Ein schwieriges Unterfangen in einem Land, in dem schon traditionell rechts- und linksradikale Kräfte nur darauf warten, Gewalt auszüben. Aber: Wenn an der Wiege der europäischen Kultur nicht die Einsicht dämmert, dass nur eine Mitgliedschaft in EU- und Eurozone den Griechen langfristig eine gewisse Lebensqualität sichert, dann werden die Nachfahren von Aristoteles und Platon auf das wirtschaftliche Niveau eines Entwicklungslandes zurückfallen.
Indes: Keine griechische Regierung wird es schaffen, ohne Rückendeckung durch das Volk eine nachhaltige Wirtschafts- und Finanzstruktur zu installieren. Da helfen auch keine Drohungen aus Deutschland oder Frankreich ...
Was die Europäische Union betrifft: Sie hat jedes Interesse daran, den Griechen in einem verantwortbaren Rahmen Hilfen zu geben, aber eben nicht um jeden Preis. Ein griechischer Bankrott hätte sicherlich eine unabschätzbare Unruhe an den Finanzmärkten zur Folge, Bankenpleiten wären nicht mehr zu vermeiden. Und dennoch: Könnte nicht auch eine heilvolle Wirkung davon ausgehen - in dem Sinne, dass manche EU-Staaten endlich mit ihrer Überschuldungspolitik Schluss machen müssten, um sich ein ähnliches Schicksal zu ersparen?
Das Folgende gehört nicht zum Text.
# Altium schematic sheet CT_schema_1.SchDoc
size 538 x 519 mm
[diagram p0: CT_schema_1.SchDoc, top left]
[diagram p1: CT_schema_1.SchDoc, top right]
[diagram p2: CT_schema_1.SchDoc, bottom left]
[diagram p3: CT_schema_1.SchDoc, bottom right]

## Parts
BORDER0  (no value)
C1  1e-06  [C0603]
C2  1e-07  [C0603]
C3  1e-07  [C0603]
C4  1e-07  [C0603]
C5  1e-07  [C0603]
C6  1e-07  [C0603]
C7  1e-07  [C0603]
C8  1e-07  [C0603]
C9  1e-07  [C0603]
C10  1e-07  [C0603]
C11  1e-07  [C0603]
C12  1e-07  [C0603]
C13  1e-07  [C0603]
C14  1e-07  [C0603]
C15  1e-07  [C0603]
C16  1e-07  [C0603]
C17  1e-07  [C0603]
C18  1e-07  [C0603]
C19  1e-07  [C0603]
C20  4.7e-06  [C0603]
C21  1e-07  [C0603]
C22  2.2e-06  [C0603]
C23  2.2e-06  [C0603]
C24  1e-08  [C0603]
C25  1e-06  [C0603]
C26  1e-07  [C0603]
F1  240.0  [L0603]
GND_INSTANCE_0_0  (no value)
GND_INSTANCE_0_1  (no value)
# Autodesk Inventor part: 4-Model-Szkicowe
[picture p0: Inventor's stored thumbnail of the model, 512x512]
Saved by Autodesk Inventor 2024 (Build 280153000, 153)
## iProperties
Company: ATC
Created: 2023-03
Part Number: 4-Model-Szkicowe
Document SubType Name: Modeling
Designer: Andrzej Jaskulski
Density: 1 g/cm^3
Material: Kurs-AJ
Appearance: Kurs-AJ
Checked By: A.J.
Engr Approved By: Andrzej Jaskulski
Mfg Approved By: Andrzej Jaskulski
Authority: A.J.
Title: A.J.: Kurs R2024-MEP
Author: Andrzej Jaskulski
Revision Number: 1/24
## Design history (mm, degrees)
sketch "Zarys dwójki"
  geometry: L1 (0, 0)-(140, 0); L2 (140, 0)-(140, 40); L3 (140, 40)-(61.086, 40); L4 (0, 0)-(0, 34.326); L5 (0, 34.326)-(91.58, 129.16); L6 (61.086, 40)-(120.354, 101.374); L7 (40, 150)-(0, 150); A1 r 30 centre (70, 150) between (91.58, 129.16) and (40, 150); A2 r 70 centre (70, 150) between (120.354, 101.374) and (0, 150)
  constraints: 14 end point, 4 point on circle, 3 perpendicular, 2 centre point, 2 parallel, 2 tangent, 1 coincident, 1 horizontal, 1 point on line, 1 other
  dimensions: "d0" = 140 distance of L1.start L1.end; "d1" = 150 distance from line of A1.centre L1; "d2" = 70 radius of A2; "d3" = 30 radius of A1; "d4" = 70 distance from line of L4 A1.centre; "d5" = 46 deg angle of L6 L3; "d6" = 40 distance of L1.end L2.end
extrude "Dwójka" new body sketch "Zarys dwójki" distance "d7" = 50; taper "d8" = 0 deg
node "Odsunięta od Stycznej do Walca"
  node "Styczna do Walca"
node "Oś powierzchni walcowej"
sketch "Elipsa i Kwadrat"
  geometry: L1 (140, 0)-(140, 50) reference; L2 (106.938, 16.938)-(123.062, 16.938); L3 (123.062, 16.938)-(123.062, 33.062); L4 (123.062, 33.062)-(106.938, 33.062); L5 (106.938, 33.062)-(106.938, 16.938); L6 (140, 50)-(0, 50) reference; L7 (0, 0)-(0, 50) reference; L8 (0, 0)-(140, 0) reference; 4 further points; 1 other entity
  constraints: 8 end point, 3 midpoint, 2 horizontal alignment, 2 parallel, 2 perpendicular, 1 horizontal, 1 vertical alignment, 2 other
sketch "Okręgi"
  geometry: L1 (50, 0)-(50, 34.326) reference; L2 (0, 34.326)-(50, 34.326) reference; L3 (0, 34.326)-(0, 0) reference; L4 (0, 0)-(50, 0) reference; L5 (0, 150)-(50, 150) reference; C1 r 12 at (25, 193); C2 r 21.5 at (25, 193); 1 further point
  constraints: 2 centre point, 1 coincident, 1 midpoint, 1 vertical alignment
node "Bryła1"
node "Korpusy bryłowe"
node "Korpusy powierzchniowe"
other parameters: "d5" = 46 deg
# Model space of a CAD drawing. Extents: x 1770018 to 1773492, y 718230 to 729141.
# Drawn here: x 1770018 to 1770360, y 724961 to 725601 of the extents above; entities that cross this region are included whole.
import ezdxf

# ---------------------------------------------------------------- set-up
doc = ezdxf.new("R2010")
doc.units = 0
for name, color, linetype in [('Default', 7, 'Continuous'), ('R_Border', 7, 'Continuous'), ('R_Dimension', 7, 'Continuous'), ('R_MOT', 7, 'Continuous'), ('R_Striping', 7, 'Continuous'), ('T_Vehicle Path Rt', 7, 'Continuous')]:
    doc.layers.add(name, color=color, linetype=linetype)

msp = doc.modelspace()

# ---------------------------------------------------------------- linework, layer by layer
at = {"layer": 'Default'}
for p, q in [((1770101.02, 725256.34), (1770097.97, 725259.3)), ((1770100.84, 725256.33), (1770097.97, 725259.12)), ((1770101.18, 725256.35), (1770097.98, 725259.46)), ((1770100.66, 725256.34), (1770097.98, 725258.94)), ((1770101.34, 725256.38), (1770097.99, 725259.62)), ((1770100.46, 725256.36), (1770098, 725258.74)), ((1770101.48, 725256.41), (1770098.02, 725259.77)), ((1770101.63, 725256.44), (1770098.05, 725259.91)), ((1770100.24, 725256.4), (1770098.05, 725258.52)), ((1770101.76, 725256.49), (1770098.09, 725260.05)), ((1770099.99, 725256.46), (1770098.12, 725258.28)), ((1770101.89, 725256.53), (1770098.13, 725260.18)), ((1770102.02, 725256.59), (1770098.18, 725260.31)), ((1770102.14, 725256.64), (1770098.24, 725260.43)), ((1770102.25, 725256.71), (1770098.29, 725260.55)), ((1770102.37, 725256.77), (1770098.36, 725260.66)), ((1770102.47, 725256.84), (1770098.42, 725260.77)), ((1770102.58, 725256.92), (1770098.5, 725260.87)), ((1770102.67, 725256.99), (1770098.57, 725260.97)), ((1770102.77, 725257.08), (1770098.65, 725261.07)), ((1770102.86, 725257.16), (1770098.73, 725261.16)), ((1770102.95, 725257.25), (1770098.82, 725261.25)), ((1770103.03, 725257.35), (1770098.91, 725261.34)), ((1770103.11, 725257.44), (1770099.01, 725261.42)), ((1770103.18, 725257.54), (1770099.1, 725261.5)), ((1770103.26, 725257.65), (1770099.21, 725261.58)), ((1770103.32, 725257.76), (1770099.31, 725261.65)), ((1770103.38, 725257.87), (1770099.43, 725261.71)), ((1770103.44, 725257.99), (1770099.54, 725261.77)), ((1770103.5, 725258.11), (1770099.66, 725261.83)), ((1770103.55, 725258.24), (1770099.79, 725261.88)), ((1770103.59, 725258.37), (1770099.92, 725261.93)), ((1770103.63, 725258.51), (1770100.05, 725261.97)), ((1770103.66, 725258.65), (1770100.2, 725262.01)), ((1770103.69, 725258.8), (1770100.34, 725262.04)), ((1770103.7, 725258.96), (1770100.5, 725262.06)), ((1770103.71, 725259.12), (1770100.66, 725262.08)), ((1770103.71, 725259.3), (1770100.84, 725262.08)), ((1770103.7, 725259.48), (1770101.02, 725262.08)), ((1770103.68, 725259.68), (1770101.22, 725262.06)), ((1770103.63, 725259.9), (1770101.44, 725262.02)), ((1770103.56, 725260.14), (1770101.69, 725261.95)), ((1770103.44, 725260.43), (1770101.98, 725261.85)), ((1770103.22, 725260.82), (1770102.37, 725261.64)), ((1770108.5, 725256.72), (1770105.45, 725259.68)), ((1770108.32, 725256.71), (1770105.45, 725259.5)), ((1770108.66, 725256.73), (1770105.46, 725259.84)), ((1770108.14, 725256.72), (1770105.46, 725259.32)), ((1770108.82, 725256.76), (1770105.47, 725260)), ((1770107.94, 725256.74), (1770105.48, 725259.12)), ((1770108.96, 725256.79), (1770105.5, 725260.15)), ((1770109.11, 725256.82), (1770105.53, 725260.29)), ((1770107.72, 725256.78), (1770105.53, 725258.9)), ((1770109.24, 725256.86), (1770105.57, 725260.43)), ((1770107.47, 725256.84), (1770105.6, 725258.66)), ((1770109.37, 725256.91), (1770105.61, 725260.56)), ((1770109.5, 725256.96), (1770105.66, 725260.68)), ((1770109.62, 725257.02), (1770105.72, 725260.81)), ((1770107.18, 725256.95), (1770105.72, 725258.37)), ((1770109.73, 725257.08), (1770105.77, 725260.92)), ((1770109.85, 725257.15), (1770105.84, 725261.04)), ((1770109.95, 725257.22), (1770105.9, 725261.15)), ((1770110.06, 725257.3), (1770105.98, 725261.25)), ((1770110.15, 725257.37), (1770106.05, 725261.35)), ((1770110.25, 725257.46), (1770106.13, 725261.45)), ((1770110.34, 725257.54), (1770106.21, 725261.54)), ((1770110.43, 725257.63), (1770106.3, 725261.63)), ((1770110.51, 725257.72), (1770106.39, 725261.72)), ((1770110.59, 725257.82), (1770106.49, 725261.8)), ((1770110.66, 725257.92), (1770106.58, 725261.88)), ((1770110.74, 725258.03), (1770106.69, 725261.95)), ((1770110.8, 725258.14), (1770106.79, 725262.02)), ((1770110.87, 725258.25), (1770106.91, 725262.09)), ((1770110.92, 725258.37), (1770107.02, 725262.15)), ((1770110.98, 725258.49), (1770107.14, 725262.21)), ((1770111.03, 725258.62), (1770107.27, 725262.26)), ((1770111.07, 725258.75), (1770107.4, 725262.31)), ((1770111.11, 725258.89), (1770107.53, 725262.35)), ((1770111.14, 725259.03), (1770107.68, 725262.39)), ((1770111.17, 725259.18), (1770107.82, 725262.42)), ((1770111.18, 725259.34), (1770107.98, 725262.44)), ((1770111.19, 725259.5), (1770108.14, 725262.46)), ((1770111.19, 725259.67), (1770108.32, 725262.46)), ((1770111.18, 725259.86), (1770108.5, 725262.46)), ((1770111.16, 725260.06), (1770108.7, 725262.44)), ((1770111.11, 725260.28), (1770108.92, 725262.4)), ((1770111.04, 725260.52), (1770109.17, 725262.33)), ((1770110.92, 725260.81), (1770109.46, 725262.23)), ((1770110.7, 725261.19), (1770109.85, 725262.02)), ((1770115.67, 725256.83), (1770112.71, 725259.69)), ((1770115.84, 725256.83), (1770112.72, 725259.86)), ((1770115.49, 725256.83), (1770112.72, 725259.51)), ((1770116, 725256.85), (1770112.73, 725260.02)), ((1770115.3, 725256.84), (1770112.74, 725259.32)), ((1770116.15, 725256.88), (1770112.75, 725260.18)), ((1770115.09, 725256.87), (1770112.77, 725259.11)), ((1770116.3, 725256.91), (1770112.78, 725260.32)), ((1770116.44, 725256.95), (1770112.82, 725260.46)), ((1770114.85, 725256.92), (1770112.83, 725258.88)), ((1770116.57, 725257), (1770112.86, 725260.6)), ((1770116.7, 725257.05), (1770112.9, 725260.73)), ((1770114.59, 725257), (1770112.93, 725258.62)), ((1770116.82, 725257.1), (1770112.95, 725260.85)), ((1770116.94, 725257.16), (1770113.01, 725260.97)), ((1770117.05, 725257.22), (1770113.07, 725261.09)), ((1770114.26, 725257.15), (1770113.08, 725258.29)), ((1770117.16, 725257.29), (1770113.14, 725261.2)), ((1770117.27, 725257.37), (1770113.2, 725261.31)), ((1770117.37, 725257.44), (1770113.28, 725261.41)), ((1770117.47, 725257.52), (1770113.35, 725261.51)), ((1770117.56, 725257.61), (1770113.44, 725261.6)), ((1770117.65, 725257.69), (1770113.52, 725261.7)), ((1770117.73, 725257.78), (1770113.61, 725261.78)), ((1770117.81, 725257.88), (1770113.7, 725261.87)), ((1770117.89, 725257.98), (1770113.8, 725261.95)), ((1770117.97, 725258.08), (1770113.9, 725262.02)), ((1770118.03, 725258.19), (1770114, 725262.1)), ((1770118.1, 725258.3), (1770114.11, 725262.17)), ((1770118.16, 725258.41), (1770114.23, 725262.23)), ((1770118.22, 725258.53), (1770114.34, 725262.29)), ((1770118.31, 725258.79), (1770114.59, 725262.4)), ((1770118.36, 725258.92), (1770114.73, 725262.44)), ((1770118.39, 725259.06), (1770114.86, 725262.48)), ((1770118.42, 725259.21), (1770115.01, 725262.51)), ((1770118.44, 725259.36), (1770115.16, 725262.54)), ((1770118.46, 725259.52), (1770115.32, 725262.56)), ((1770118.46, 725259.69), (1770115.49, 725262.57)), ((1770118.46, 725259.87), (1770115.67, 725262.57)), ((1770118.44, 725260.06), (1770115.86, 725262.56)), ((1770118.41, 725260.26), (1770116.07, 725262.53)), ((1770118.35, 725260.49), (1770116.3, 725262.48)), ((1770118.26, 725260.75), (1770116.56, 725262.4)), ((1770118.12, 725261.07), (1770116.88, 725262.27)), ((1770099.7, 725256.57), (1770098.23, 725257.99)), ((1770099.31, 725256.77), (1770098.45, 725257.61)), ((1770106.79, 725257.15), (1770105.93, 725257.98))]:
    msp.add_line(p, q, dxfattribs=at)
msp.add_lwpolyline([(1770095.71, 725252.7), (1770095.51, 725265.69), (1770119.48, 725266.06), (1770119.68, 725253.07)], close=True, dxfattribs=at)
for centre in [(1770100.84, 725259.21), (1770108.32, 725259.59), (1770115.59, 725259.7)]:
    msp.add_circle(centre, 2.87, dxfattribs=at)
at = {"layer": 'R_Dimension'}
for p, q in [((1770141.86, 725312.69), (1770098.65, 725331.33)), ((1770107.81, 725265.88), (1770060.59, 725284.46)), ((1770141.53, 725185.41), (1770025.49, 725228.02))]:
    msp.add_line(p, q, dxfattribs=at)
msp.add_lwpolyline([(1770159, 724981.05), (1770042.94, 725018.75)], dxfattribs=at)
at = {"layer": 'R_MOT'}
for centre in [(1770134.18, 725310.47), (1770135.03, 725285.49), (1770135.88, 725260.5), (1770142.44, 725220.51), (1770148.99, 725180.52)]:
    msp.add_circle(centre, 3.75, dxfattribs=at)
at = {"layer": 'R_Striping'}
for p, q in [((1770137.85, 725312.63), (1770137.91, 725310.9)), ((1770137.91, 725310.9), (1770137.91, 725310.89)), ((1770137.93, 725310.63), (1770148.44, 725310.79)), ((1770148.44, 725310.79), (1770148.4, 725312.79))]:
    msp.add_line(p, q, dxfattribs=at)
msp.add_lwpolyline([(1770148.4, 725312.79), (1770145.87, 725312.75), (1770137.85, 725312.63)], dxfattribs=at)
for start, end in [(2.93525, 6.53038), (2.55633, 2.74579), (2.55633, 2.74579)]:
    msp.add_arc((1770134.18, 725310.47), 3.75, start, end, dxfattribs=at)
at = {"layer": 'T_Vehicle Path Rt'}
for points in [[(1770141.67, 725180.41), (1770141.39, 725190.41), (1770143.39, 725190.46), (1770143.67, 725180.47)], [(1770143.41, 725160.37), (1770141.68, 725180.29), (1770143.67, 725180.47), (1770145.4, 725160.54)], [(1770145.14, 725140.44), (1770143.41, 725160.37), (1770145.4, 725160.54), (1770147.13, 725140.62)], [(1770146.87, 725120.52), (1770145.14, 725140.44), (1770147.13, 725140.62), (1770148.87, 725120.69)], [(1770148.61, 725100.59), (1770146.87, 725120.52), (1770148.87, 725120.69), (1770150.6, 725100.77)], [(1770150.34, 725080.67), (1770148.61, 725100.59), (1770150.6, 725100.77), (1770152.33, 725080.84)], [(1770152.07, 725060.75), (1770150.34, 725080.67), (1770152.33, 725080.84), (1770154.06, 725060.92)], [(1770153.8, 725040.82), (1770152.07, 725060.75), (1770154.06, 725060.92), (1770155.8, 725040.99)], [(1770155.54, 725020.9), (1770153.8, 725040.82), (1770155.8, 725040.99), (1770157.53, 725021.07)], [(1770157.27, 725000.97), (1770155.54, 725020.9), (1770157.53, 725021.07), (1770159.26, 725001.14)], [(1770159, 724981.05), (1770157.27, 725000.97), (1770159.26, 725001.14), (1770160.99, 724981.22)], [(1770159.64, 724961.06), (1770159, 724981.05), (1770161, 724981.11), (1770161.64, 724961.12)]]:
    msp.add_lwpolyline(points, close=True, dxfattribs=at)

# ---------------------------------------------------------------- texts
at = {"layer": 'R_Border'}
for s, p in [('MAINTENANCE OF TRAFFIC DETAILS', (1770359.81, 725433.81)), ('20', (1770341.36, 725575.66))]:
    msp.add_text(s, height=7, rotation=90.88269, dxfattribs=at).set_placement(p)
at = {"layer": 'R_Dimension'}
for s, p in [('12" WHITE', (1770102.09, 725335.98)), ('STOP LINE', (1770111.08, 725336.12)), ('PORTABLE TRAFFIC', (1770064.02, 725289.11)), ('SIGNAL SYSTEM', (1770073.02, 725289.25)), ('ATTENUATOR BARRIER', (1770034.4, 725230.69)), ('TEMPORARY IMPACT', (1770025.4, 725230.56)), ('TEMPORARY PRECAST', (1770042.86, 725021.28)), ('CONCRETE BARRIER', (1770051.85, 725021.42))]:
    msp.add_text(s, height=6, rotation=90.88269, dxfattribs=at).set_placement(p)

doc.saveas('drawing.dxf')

Und noch eines: Nicht Griechenland ist das eigentliche europäische Problem. Es ist die EU selbst, die es in vielen Bereichen an Einheit und Zuversicht missen lässt. Die Europäische Union braucht grundlegende Reformen hin zu mehr Ordnung und Kontrolle. Nicht zu mehr Neo-Liberalismus und Scheinfreiheit.